New figures reveal America’s car sales slump deepened in November after October’s disaster. General Motors was especially badly hit, so no wonder it wants an $US18 billion loan from the US Government; Ford was hurt as well and wants $9 billion, Chrysler wants $US7 billion.

That’s $US34 billion in all, compared to the original offer from Congress of $US25 billion. Looking at the November sales figures, it’s no wonder.

GM said its current financial state was so fraught, it needed $US4 billion immediately to avoid bankruptcy. Apart from some window dressing on salaries and private jets, that announcement was the most dramatic point to come out of the plans from both ailing giants.

Early returns suggest US car sales fell 34% last month, worse than the shock 32% drop in October. Ford, GM, Chrysler, Toyota and Honda all reported drops of more than 30%. The annual sales figure rate this month will be around 10.6 million units this year, down from 16.8 million in 2007.

GM reported a 41% drop from a year earlier and a 9% decline from October’s sales. Sales of light trucks tumbled 39%, while cars had a staggering 44% fall; Chrysler reported a 47% drop from a year ago and a 10% decline from October. Ford said November sales plunged 31% from November 2007 and sales were also down 7% from October.

The real surprise was the slump in sales for Toyota and Honda.

Toyota said its sales fell 34% from last November and 14% from October; Honda reported a 32% drop in sales on last year and sales were down 11% from October.

GM wants more cash than it currently has on hand (less than $US16 billion).
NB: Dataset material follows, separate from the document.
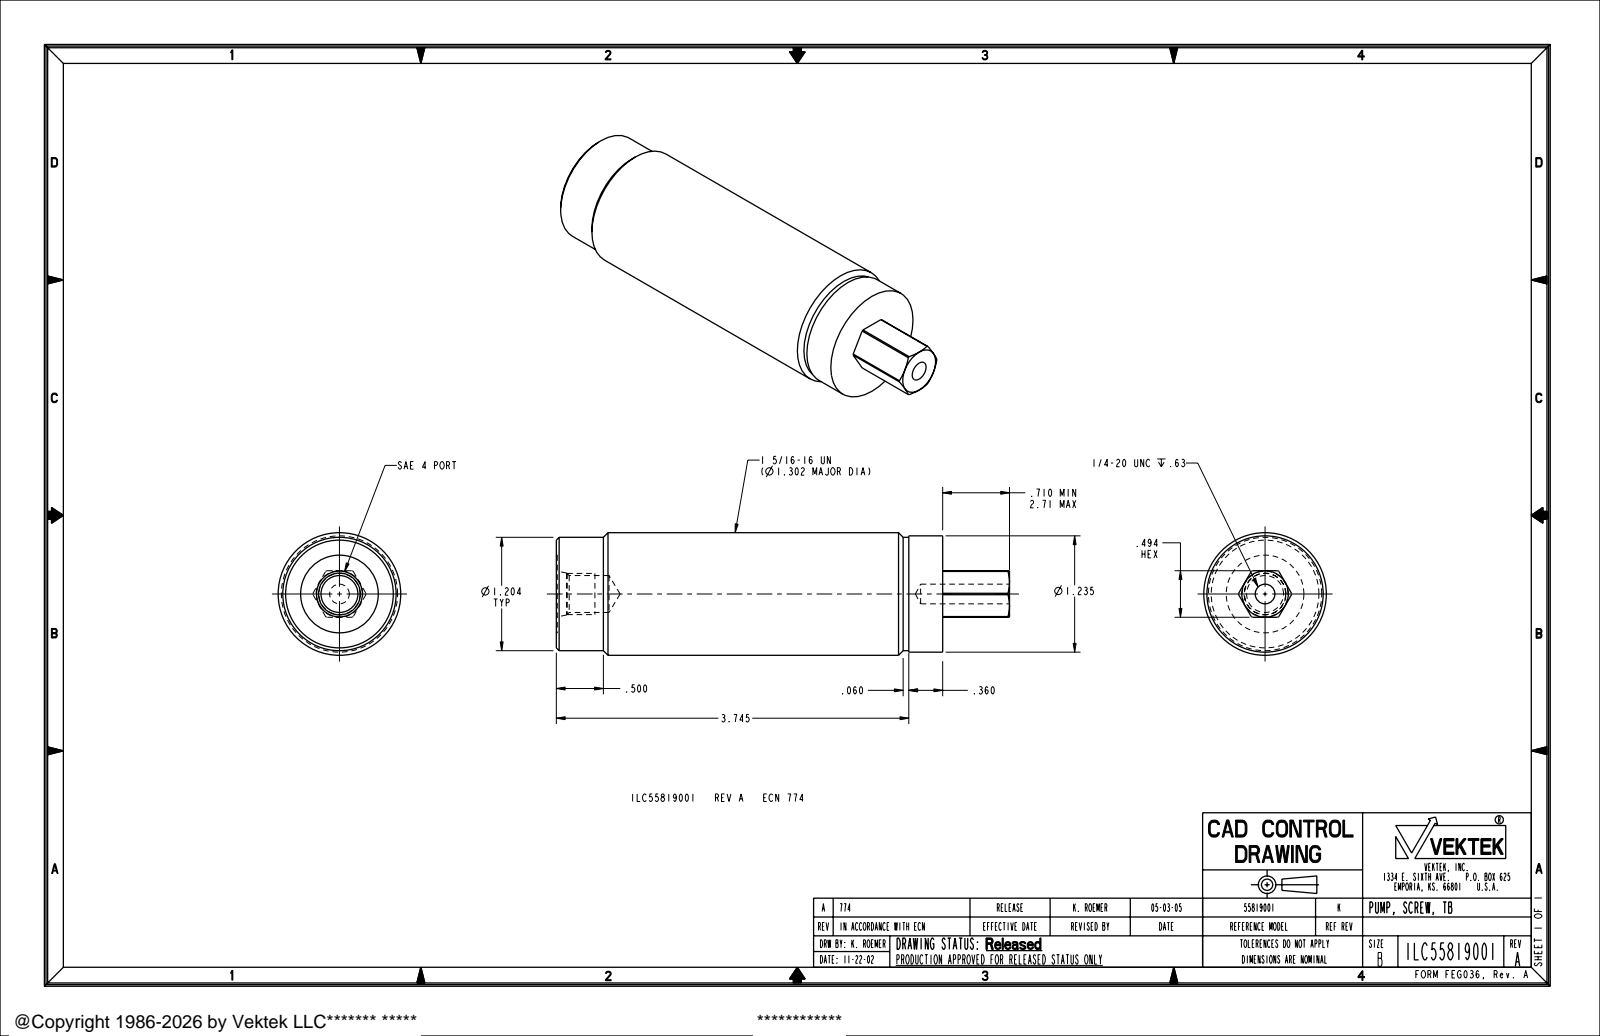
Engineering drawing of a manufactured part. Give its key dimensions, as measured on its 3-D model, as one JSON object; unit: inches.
{"part_name": "ILC55819001", "step_written_by": "PRO/ENGINEER BY PARAMETRIC TECHNOLOGY CORPORATION, 2004290 (AUTOMOTIVE_DESIGN_CC2)", "units": "inches", "bodies": {"solids": 1, "faces": 54, "planar": 12, "cylindrical": 22, "other": 20}, "overall_size": [4.815, 1.302, 1.302], "volume_in3": 5.333, "surface_area_in2": 21.97, "round_holes": [[0.209, 1], [0.392, 1], [0.825, 1]], "round_bosses_or_shafts": [[1.302, 1], [1.235, 1], [1.204, 1], [0.437, 1]], "partial_cylinders_radius": [[0.281, 1]], "face_to_face_distances": [0.494, 4.105, 4.095, 4.815, 4.805, 0.71, 3.745, 3.735, 0.36, 1.07]}

Ford is in a better position, but its $US9 billion request would see it continue with certainty until well into 2010 when the expected recovery comes — if it comes at all. Between them, the two companies would absorb more than the $US25 billion on offer.

GM said it is seeking up to $US12 billion to survive into 2010 and that it anticipates using $US4 billion of that just this month to avoid bankruptcy. It also asked for an additional $US6 billion line of credit to provide more funds should a severe market downturn persist. Seeing as its recovery plan is based on a 12 million vehicle sales year in 2009, there’s every chance that could be called on, given the extent of the slump in demand now and expected in the first quarter.

Chrysler repeated the $US7 billion request of two weeks ago in its filing with Congress this morning. Chrysler still has to resolve the outstanding stake held by Daimler and what happens to the 51% of GMAC owned by Cerberus, which owns the other 79.8% of Chrysler.

The CEOs of GM and Ford have offered to work for $US1 a year and both companies said they would get rid of their contentious private jets. The three executive groups drove 800 kilometres from Detroit to Washington on Monday night and Tuesday morning. No quick flit jet incursions into the mire of Washington this time, something which undid their requests last month.

GM said it believed industry-wide US car and light truck (SUV) sales fell by 400,000 vehicles, or 34%, from a year ago, which would be well below even October’s total.

Toyota’s position has worsened appreciably in the past few weeks; seeing as it’s the market leader in Japan, and very big elsewhere, it was hit hard by the 27% slump in car sales in that country last month (sales in South Korea also fell 27%). Honda and Nissan Renault were also slugged.

Toyota is cutting bonuses for its 5000 top managers by 10% and has scheduled a press conference next week where it’s expected to reveal lowered sales estimates for 2008 and calendar 2009. It has already slashed its 2009 earnings estimate by around 60% and expected to earn just $US200 million in the six months to the end of March. Given the slump in Japan and the US last month, that is now in doubt.

Honda has already warned it may lose money in the March half.

GM and Ford also announced big cuts in first quarter production for 2009: they are not waiting for sharply lower petrol prices to boost demand, they are cutting and cutting deeply. GM will hack its US first quarter production by 32% to 600,000 vehicles, while Ford will slash production by 38% to 430,000.